2001年,我29歲生日時,檢察院起訴科對我進行了非法起訴,原因是在我家裡發現了法輪功的光盤以及書籍。2001年過年時,我們去朋友家拜年,那時,正好安全局的人在他們家抄家,我們說了幾句話放下水果後就告辭了。走到三樓,安全局的人突然衝過來,把我連拉帶拽拉到四樓,就對我強行搜包,錄像,野蠻的對我大喊大叫。因為發現我包裡有法輪功書籍,他們惡狠狠的說:“帶回去再說”。
我知道,如果讓他們抓走,就可能被勞教或者判刑,還要接受洗腦,要經受精神和肉體的折磨。我不願被他們抓走,但在離開現場時不幸受傷,被送進醫院。期間安全局和我單位的人對我輪流監視,他們為掩蓋事實,竟只是向家人要錢而不告訴他們我在哪裡。做手術時,才讓我愛人來,我和我愛人見面時有10多個人在場監視。我愛人還為此被隔離審查3個月,全家人都受到巨大的精神打擊。
為了提前對我非法審訊,在我剛做完手術兩周,勉強能翻身,雙腳還打著石膏時,就將我強行關進了監獄的醫院。這是一個用鐵皮包著的房間,不見天日。我一切生活都不能自理,需要同室的犯人幫助。為此我少吃少喝,恢復身體需要陽光、營養,可是這兒什麼都沒有。我的家人無法知道我在哪裡,姐姐到全市各大醫院去打聽我的下落,而沒有任何消息。母親整日以淚洗面,父親借酒澆愁。我在監獄裡經常遭受惡警的人格侮辱、誘供、逼供、心理和精神上的摧殘。一次,十幾個警察設計好問題對我誘供,我拒絕回答,一惡人威脅說:是不是你太舒服了得找兩個人伺候伺候你(術後醫生要我平躺半年,而這個人幾次用被子撐住我的腰長達一上午或一下午時間,以此折磨我)說著,惡人掄起拳頭向我砸來,我不為所動,直視著惡人。

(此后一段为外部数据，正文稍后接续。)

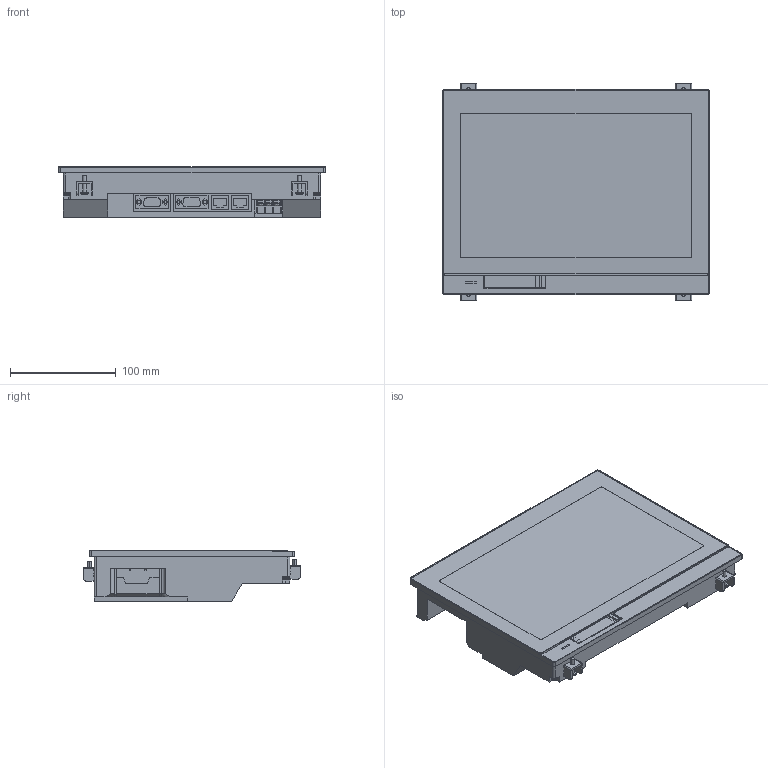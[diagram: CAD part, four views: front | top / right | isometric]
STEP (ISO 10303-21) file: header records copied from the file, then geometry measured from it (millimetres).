
FILE_DESCRIPTION((''),'2;1');
FILE_NAME('GT2510W_A_ASM','2017-02-28T',('QR87550'),(''),'PRO/ENGINEER BY PARAMETRIC TECHNOLOGY CORPORATION, 2014200','PRO/ENGINEER BY PARAMETRIC TECHNOLOGY CORPORATION, 2014200','');
FILE_SCHEMA(('CONFIG_CONTROL_DESIGN'));
Length unit declared in the file: millimetre
Products named in the file (5): GT2510W; COVER_1; COVER_2; TORITUKE; GT2510W_A_ASM
Assembly tree (7 placements, depth 2):
  GT2510W_A_ASM
    GT2510W
    COVER_1
    COVER_2
    TORITUKE  x4
Bounding box: 252 x 205 x 48 mm (x, y, z)
Volume: 1770972.2 mm3; surface area: 165085.3 mm2
Topology: 7 solids, 10 shells, 791 faces, 2055 edges, 1366 vertices
Faces by surface type: plane 525, cylinder 228, cone 16, torus 16, bspline 6
Entity records: 19234 total; most frequent: CARTESIAN_POINT 3466, DIRECTION 3249, ORIENTED_EDGE 3222, EDGE_CURVE 1611, VECTOR 1211, LINE 1211, VERTEX_POINT 1072, AXIS2_PLACEMENT_3D 1019
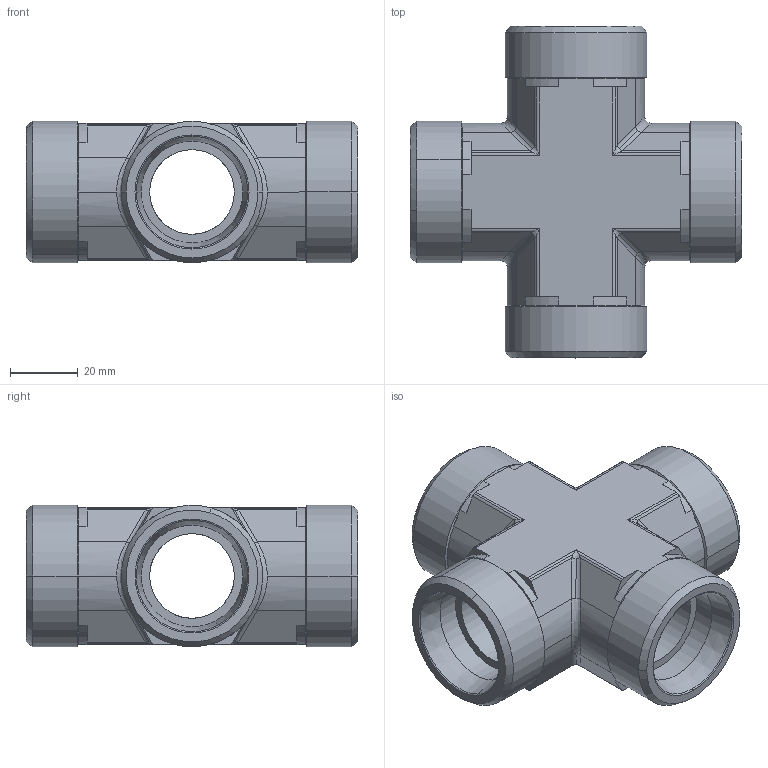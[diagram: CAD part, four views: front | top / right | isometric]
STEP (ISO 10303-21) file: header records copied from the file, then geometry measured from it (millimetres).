
FILE_DESCRIPTION((''),'2;1');
FILE_NAME('104022.stp','2007-10-31T13:13:41',(''),(''),'AutoCAD STEP 2000i','AutoCAD 2000i',', , ');
FILE_SCHEMA(('CONFIG_CONTROL_DESIGN'));
Length unit declared in the file: millimetre
Products named in the file (2): 104022.0; 3093#0
Assembly tree (1 placements, depth 2):
  104022.0
    3093#0
Bounding box: 98 x 98 x 41.82 mm (x, y, z)
Volume: 120679.4 mm3; surface area: 35890.3 mm2
Topology: 1 solids, 1 shells, 208 faces, 530 edges, 318 vertices
Faces by surface type: cylinder 106, plane 58, cone 24, bspline 20
Entity records: 7827 total; most frequent: CARTESIAN_POINT 2578, DIRECTION 1182, ORIENTED_EDGE 1044, EDGE_CURVE 522, AXIS2_PLACEMENT_3D 470, VERTEX_POINT 318, VECTOR 242, LINE 242

膽寒的小人將拳頭滑落,並猛然將被子抽走,我跌在床上,在場的十幾人沒有一個上前制止,我大聲質問:“警察不是不准打人麼,你叫什麼名字 ,我要告你! ”十幾個人出去商量誘供的對策。只留下一個安全局的便衣無賴的說,法律是人定的,誰看見他打人了?於是,為抗議非法關押,我開始絕食絕水,惡人將我戴上手銬,讓別人壓著我身子,三個獄醫壓著頭,掐著嘴,用一根兩尺長的管子從我鼻子強行插入胃裡,食管和鼻粘膜均受創傷,出血。一大盆奶粉快將縮小的胃撐破了,他們毫不理會。那種劇烈的疼痛是常人難以承受的。在監獄裡受盡了迫害和虐待,那種痛苦的記憶常常煎熬著我。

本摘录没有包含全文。